- _Exercise goal_
If a record holds a picture, leave the picture out, but write out everything else exactly.

- _Supplied records_
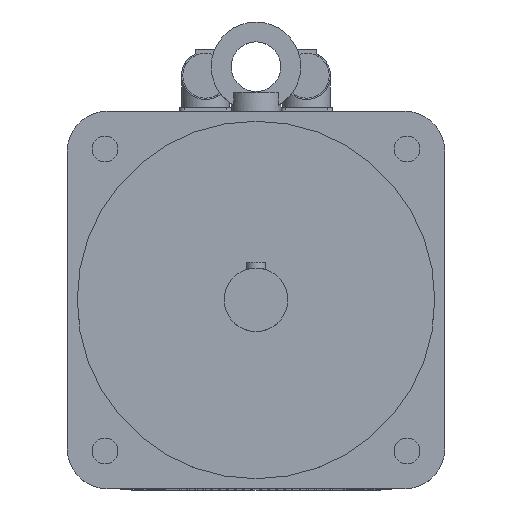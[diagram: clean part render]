
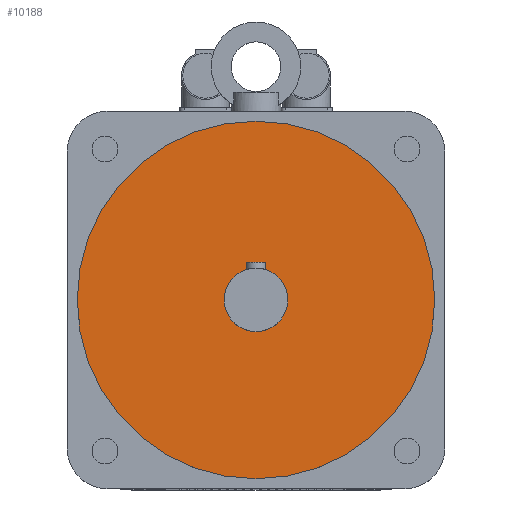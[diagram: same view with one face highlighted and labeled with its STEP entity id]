
A CAD part, top view. The second image highlights one B-rep face of the part: STEP entity #10188.
In plain terms, the highlighted planar face has unit normal (0, 0, 1).
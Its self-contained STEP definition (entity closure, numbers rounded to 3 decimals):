
#208=FACE_BOUND('',#973,.T.);
#290=FACE_OUTER_BOUND('',#972,.T.);
#972=EDGE_LOOP('',(#7169));
#973=EDGE_LOOP('',(#7170));
#1611=CIRCLE('',#10835,16.);
#1612=CIRCLE('',#10837,90.);
#4590=VERTEX_POINT('',#15520);
#4591=VERTEX_POINT('',#15523);
#5600=EDGE_CURVE('',#4590,#4590,#1611,.T.);
#5601=EDGE_CURVE('',#4591,#4591,#1612,.T.);
#7169=ORIENTED_EDGE('',*,*,#5601,.F.);
#7170=ORIENTED_EDGE('',*,*,#5600,.T.);
#9671=PLANE('',#10836);
#10188=ADVANCED_FACE('',(#290,#208),#9671,.T.);
#10835=AXIS2_PLACEMENT_3D('',#15521,#12180,#12181);
#10836=AXIS2_PLACEMENT_3D('',#15522,#12182,#12183);
#10837=AXIS2_PLACEMENT_3D('',#15524,#12184,#12185);
#12180=DIRECTION('center_axis',(0.,0.,-1.));
#12181=DIRECTION('ref_axis',(1.,0.,0.));
#12182=DIRECTION('center_axis',(0.,0.,1.));
#12183=DIRECTION('ref_axis',(1.,0.,0.));
#12184=DIRECTION('center_axis',(0.,0.,-1.));
#12185=DIRECTION('ref_axis',(1.,0.,0.));
#15520=CARTESIAN_POINT('',(0.,16.,347.));
#15521=CARTESIAN_POINT('Origin',(0.,0.,347.));
#15522=CARTESIAN_POINT('Origin',(0.,90.,347.));
#15523=CARTESIAN_POINT('',(0.,90.,347.));
#15524=CARTESIAN_POINT('Origin',(0.,0.,347.));

- _Result_
[diagram: clean part render]
[diagram: same view with one face highlighted and labeled with its STEP entity id]
A CAD part, top view. The second image highlights one B-rep face of the part: STEP entity #10188.
In plain terms, the highlighted planar face has unit normal (0, 0, 1).
Its self-contained STEP definition (entity closure, numbers rounded to 3 decimals):
#208=FACE_BOUND('',#973,.T.);
#290=FACE_OUTER_BOUND('',#972,.T.);
#972=EDGE_LOOP('',(#7169));
#973=EDGE_LOOP('',(#7170));
#1611=CIRCLE('',#10835,16.);
#1612=CIRCLE('',#10837,90.);
#4590=VERTEX_POINT('',#15520);
#4591=VERTEX_POINT('',#15523);
#5600=EDGE_CURVE('',#4590,#4590,#1611,.T.);
#5601=EDGE_CURVE('',#4591,#4591,#1612,.T.);
#7169=ORIENTED_EDGE('',*,*,#5601,.F.);
#7170=ORIENTED_EDGE('',*,*,#5600,.T.);
#9671=PLANE('',#10836);
#10188=ADVANCED_FACE('',(#290,#208),#9671,.T.);
#10835=AXIS2_PLACEMENT_3D('',#15521,#12180,#12181);
#10836=AXIS2_PLACEMENT_3D('',#15522,#12182,#12183);
#10837=AXIS2_PLACEMENT_3D('',#15524,#12184,#12185);
#12180=DIRECTION('center_axis',(0.,0.,-1.));
#12181=DIRECTION('ref_axis',(1.,0.,0.));
#12182=DIRECTION('center_axis',(0.,0.,1.));
#12183=DIRECTION('ref_axis',(1.,0.,0.));
#12184=DIRECTION('center_axis',(0.,0.,-1.));
#12185=DIRECTION('ref_axis',(1.,0.,0.));
#15520=CARTESIAN_POINT('',(0.,16.,347.));
#15521=CARTESIAN_POINT('Origin',(0.,0.,347.));
#15522=CARTESIAN_POINT('Origin',(0.,90.,347.));
#15523=CARTESIAN_POINT('',(0.,90.,347.));
#15524=CARTESIAN_POINT('Origin',(0.,0.,347.));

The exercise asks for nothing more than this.